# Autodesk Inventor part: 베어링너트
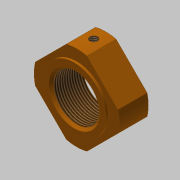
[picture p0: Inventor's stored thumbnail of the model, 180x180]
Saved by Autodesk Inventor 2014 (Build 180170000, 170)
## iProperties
Created: 2019-05
Part Number: 베어링너트
Material: 스테인리스강
Document SubType Name: Modeling
Designer: mduedu
Density: 1 g/cm^3
Appearance: 주황색
Author: mduedu
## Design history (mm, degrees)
sketch "스케치1"
  geometry: C1 r 17.5 at (0, 0); 1 further point
  constraints: 1 centre point, 1 coincident
  dimensions: "d0" = 35 diameter of C1
extrude "돌출1" new body sketch "스케치1" distance "d1" = 12; taper "d2" = 0 deg
sketch "스케치2"
  geometry: L1 (-21.213, 0)-(0, 21.213); L2 (0, 21.213)-(21.213, 0); L3 (21.213, 0)-(0, -21.213); L4 (0, -21.213)-(-21.213, 0); L5 (-21.213, 0)-(21.213, 0); L6 (0, 21.213)-(0, -21.213); 1 further point
  constraints: 12 end point, 2 midpoint, 2 parallel, 1 perpendicular, 1 vertical
  dimensions: "d3" = 30 distance of L1.end L2.end; "d5" = 30 distance of L2.end L3.end
extrude "돌출2" sketch "스케치2" stored distance "d6" = 12; taper "d7" = 0 deg
sketch "스케치3"
  geometry: C1 r 13 at (0, 0); 1 further point
  constraints: 1 centre point, 1 coincident
  dimensions: "d8" = 26 diameter of C1
extrude "돌출3" join sketch "스케치3" distance "d9" = 1; taper "d10" = 0 deg
hole "구멍1" diameter "d13" = 18.917; stored, may be unused: countersink angle "d17" = 90 deg, drill point angle "d19" = 118 deg; dims "d11" = 10, "d12" = 10, "d14" = 6, "d15" = 4, "d16" = 2, "d18" = 8
chamfer "모따기1" distance "d20" = 1; stored, may be unused: second distance "d21" = 2, angle "d22" = 45 deg
node "작업 평면1"
sketch "스케치5"
  geometry: L1 (-4.233, 0)-(4.233, 0) reference; 3 further points
  constraints: 1 midpoint, 1 vertical alignment
  dimensions: "d31" = 5 distance from line of point (0, 5) L1
hole "구멍3" sketch "스케치5" at (0, 5) diameter "d32" = 3.242; stored, may be unused: countersink angle "d36" = 90 deg, drill point angle "d38" = 118 deg; dims "d33" = 6, "d34" = 4, "d35" = 2, "d37" = 8
node "솔리드1"
....
Each record is to be written out exactly. No picture goes in.

▸ **TASK SOLUTION**:
# Autodesk Inventor part: 베어링너트
[picture p0: Inventor's stored thumbnail of the model, 180x180]
Saved by Autodesk Inventor 2014 (Build 180170000, 170)
## iProperties
Created: 2019-05
Part Number: 베어링너트
Material: 스테인리스강
Document SubType Name: Modeling
Designer: mduedu
Density: 1 g/cm^3
Appearance: 주황색
Author: mduedu
## Design history (mm, degrees)
sketch "스케치1"
  geometry: C1 r 17.5 at (0, 0); 1 further point
  constraints: 1 centre point, 1 coincident
  dimensions: "d0" = 35 diameter of C1
extrude "돌출1" new body sketch "스케치1" distance "d1" = 12; taper "d2" = 0 deg
sketch "스케치2"
  geometry: L1 (-21.213, 0)-(0, 21.213); L2 (0, 21.213)-(21.213, 0); L3 (21.213, 0)-(0, -21.213); L4 (0, -21.213)-(-21.213, 0); L5 (-21.213, 0)-(21.213, 0); L6 (0, 21.213)-(0, -21.213); 1 further point
  constraints: 12 end point, 2 midpoint, 2 parallel, 1 perpendicular, 1 vertical
  dimensions: "d3" = 30 distance of L1.end L2.end; "d5" = 30 distance of L2.end L3.end
extrude "돌출2" sketch "스케치2" stored distance "d6" = 12; taper "d7" = 0 deg
sketch "스케치3"
  geometry: C1 r 13 at (0, 0); 1 further point
  constraints: 1 centre point, 1 coincident
  dimensions: "d8" = 26 diameter of C1
extrude "돌출3" join sketch "스케치3" distance "d9" = 1; taper "d10" = 0 deg
hole "구멍1" diameter "d13" = 18.917; stored, may be unused: countersink angle "d17" = 90 deg, drill point angle "d19" = 118 deg; dims "d11" = 10, "d12" = 10, "d14" = 6, "d15" = 4, "d16" = 2, "d18" = 8
chamfer "모따기1" distance "d20" = 1; stored, may be unused: second distance "d21" = 2, angle "d22" = 45 deg
node "작업 평면1"
sketch "스케치5"
  geometry: L1 (-4.233, 0)-(4.233, 0) reference; 3 further points
  constraints: 1 midpoint, 1 vertical alignment
  dimensions: "d31" = 5 distance from line of point (0, 5) L1
hole "구멍3" sketch "스케치5" at (0, 5) diameter "d32" = 3.242; stored, may be unused: countersink angle "d36" = 90 deg, drill point angle "d38" = 118 deg; dims "d33" = 6, "d34" = 4, "d35" = 2, "d37" = 8
node "솔리드1"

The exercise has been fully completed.